#### [What needs to be done]
State how many lines of the records contain the string "source". Give the number alone.

Recorded data:
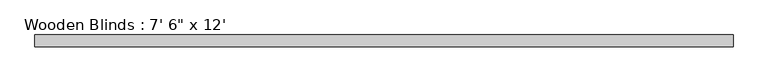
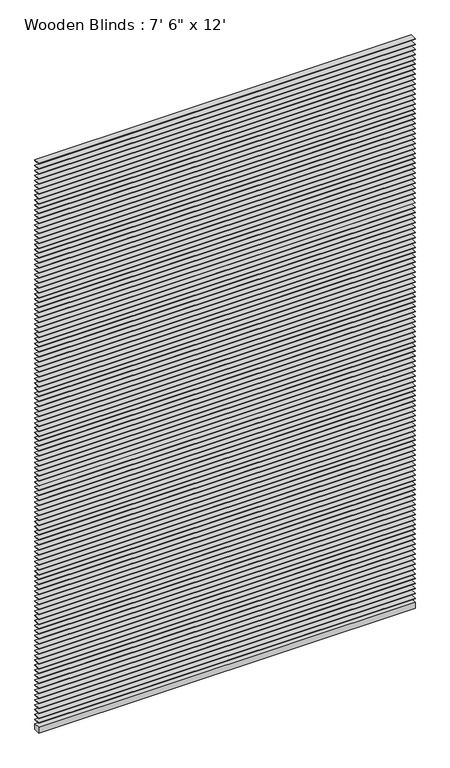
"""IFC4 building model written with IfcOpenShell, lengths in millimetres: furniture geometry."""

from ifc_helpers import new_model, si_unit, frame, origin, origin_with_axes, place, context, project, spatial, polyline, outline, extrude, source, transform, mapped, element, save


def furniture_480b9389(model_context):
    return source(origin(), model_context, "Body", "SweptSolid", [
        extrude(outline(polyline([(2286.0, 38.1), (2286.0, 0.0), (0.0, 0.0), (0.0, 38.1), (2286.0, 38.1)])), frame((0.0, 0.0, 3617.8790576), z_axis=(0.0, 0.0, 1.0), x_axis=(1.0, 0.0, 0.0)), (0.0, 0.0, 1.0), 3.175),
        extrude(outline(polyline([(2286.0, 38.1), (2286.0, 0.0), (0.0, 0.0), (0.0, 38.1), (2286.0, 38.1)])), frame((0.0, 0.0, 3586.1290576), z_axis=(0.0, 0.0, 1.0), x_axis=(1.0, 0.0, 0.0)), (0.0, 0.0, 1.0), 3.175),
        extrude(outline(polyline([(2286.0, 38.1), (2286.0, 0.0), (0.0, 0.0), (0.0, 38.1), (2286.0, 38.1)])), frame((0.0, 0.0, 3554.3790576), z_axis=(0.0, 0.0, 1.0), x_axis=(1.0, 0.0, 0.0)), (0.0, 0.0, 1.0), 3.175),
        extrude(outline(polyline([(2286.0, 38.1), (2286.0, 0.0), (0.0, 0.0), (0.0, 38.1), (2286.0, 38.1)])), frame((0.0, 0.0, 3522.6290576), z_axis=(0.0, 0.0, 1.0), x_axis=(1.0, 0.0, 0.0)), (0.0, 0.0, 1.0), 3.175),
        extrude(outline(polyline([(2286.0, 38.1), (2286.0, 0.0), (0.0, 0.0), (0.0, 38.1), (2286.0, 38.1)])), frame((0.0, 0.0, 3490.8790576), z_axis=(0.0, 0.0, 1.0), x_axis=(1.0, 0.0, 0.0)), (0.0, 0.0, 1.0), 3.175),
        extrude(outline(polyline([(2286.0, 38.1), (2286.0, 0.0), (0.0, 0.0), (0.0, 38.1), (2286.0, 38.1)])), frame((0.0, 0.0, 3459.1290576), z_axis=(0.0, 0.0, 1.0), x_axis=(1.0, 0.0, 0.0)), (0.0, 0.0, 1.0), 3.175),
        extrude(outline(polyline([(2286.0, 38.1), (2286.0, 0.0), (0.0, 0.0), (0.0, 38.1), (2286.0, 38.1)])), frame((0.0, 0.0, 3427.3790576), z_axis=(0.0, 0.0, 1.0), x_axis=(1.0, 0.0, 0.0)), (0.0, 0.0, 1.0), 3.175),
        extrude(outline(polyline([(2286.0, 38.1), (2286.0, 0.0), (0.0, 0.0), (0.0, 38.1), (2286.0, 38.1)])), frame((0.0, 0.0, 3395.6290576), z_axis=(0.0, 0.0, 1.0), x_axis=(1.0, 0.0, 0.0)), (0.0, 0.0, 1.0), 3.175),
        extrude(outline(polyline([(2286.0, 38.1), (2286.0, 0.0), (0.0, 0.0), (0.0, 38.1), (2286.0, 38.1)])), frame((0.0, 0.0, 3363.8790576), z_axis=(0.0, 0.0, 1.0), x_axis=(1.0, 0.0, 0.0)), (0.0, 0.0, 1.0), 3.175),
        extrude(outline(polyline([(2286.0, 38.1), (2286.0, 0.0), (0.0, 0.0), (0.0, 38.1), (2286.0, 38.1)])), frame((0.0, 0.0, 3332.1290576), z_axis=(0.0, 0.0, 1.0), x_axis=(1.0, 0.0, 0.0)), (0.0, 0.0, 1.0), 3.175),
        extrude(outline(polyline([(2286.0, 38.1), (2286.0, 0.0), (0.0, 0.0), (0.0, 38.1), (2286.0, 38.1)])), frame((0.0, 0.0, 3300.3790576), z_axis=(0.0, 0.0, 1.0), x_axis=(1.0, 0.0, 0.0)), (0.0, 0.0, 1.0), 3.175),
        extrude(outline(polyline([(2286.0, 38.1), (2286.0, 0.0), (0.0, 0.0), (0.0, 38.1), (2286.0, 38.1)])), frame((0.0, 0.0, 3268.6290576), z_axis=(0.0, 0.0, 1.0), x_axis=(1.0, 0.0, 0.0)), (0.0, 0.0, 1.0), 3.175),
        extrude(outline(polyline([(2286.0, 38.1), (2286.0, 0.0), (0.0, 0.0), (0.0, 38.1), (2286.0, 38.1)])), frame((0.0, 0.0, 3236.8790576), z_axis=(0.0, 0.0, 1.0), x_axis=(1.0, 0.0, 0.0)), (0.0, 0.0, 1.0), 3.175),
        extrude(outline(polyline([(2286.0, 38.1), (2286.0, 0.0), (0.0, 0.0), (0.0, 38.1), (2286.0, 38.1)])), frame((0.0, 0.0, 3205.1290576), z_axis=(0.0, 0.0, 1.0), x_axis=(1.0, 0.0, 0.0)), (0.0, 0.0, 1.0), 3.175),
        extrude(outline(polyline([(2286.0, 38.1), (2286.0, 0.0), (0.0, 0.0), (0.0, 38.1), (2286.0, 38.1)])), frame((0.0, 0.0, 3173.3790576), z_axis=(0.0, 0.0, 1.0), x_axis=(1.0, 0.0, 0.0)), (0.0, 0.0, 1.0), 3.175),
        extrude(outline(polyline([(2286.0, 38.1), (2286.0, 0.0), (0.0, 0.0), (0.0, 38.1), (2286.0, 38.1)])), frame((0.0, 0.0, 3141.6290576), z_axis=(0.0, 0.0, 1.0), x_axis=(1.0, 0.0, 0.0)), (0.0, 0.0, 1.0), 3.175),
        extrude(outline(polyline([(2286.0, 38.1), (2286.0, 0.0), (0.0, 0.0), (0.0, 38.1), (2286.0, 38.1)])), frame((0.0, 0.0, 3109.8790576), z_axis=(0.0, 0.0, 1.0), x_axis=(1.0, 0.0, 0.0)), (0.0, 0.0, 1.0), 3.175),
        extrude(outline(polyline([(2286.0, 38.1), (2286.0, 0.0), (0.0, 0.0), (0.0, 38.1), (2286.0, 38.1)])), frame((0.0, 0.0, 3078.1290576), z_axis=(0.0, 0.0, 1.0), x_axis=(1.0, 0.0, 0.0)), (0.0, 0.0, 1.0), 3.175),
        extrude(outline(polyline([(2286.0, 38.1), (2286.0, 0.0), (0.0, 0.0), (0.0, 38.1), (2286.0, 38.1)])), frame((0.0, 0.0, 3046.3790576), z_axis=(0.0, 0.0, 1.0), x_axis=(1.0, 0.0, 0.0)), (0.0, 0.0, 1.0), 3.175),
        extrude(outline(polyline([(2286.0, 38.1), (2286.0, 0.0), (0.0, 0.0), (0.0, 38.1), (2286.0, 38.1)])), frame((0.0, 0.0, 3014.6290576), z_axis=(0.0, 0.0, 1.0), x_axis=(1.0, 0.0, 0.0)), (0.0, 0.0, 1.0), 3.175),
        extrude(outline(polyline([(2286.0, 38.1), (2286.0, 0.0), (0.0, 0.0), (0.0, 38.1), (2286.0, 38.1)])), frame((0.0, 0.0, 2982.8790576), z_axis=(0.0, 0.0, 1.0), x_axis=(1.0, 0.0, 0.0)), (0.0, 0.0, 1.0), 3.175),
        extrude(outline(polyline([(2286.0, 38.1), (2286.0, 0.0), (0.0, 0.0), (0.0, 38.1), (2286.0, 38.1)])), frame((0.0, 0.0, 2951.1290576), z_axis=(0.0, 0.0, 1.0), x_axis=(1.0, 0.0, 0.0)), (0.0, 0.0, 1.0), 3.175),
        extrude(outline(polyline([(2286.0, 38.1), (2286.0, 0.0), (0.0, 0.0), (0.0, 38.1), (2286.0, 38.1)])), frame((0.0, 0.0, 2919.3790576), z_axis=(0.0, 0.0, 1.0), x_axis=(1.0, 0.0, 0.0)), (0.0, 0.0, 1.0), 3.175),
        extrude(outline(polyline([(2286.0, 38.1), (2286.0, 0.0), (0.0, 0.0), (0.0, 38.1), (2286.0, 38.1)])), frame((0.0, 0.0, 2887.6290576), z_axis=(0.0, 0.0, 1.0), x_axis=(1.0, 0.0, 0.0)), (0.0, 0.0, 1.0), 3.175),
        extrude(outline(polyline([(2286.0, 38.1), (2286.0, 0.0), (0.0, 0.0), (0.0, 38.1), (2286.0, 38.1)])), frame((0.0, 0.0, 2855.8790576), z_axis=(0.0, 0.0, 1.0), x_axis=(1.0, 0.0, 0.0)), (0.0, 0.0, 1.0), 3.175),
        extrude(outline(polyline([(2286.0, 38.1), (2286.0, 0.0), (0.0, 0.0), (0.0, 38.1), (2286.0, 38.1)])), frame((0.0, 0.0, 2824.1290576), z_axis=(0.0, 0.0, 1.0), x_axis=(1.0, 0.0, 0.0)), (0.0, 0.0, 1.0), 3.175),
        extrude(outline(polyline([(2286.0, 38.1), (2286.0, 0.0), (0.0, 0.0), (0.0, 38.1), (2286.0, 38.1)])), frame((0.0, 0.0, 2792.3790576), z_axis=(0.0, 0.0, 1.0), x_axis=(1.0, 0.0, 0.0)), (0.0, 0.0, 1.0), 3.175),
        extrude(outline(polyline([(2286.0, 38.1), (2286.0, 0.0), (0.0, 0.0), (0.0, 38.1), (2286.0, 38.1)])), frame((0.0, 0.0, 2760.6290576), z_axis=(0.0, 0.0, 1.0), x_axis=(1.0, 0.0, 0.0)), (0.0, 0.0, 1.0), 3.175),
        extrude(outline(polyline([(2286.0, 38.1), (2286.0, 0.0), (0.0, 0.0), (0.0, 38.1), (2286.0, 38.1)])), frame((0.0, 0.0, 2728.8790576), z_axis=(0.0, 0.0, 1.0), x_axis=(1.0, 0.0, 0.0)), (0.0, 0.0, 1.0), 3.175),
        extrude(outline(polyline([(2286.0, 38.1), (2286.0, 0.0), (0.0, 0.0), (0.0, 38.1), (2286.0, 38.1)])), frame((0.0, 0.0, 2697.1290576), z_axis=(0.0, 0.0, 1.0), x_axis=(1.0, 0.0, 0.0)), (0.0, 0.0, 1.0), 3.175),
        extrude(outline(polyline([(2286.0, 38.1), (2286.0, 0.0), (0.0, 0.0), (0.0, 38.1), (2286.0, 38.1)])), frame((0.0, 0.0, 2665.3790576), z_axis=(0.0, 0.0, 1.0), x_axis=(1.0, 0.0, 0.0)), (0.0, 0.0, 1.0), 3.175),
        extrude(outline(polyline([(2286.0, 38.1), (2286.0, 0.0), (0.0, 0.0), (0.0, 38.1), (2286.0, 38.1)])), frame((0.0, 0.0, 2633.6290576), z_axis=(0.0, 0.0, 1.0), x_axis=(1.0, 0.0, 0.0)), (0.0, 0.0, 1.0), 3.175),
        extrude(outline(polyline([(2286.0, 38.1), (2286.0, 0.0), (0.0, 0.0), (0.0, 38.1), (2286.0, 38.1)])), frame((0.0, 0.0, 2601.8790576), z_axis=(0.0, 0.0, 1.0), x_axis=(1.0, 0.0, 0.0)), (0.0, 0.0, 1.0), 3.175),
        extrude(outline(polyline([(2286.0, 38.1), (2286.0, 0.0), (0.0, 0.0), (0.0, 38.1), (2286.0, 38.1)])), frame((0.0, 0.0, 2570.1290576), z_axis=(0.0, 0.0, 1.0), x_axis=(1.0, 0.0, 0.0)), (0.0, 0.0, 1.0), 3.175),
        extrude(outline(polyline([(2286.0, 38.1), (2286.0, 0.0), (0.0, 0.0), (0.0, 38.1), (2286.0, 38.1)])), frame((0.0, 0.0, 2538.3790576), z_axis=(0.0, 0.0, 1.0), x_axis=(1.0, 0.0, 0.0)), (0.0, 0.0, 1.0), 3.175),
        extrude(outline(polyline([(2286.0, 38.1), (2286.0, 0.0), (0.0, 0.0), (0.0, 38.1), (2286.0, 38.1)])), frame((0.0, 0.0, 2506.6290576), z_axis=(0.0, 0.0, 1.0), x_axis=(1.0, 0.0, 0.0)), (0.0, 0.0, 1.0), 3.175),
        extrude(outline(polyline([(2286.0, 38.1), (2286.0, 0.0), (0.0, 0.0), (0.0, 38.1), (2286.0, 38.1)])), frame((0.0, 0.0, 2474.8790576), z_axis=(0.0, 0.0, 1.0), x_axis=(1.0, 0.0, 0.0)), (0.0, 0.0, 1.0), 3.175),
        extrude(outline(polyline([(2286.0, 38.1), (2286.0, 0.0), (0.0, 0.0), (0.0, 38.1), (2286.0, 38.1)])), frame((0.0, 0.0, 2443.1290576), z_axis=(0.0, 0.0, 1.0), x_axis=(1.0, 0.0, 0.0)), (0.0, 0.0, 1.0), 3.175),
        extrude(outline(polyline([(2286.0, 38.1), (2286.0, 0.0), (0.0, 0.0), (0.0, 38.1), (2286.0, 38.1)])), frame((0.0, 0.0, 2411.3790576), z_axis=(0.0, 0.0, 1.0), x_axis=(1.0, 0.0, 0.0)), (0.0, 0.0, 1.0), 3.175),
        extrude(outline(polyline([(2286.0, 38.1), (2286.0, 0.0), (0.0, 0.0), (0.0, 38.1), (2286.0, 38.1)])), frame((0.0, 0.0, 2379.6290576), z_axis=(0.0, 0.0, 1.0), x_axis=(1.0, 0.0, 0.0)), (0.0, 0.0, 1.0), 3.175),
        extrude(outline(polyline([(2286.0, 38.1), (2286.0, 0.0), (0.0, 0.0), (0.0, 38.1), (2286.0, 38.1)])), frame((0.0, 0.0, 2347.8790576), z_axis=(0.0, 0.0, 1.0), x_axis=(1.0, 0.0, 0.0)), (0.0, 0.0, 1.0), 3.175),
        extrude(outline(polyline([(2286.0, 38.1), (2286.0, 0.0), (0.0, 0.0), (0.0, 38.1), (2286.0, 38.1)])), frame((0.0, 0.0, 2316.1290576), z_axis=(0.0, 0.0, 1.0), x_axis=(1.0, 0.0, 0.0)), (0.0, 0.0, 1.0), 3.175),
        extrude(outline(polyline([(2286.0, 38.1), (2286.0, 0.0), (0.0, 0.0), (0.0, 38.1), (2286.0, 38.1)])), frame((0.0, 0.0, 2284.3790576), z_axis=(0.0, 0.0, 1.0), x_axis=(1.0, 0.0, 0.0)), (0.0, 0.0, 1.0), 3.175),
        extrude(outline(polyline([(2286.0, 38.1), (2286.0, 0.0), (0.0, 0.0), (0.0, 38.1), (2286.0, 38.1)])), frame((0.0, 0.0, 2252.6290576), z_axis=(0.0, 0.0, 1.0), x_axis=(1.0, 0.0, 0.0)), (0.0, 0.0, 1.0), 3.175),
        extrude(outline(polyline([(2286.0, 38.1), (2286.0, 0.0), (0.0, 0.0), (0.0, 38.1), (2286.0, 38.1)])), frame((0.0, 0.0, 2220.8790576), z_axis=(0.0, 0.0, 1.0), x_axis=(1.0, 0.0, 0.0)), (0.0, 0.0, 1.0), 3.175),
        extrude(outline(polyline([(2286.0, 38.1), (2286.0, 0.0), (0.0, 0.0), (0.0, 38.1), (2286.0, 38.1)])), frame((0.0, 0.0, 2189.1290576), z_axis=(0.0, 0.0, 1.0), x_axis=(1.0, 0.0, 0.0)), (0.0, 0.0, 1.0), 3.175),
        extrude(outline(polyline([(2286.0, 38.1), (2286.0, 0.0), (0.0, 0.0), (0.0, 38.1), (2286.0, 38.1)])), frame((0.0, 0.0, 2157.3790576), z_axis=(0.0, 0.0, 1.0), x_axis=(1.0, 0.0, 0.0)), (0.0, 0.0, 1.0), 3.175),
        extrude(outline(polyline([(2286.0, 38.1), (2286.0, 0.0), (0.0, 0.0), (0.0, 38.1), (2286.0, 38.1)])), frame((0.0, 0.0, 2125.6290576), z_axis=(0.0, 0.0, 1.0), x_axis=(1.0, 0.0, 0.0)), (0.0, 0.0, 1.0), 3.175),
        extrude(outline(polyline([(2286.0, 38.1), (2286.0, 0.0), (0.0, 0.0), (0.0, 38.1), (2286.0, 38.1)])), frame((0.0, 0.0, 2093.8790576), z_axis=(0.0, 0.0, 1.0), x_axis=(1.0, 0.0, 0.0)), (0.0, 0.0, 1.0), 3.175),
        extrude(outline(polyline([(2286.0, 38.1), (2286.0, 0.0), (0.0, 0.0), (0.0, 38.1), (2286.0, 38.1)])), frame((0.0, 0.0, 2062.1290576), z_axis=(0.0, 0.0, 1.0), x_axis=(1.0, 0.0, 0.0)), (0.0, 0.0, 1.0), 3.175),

#### [Task output]
2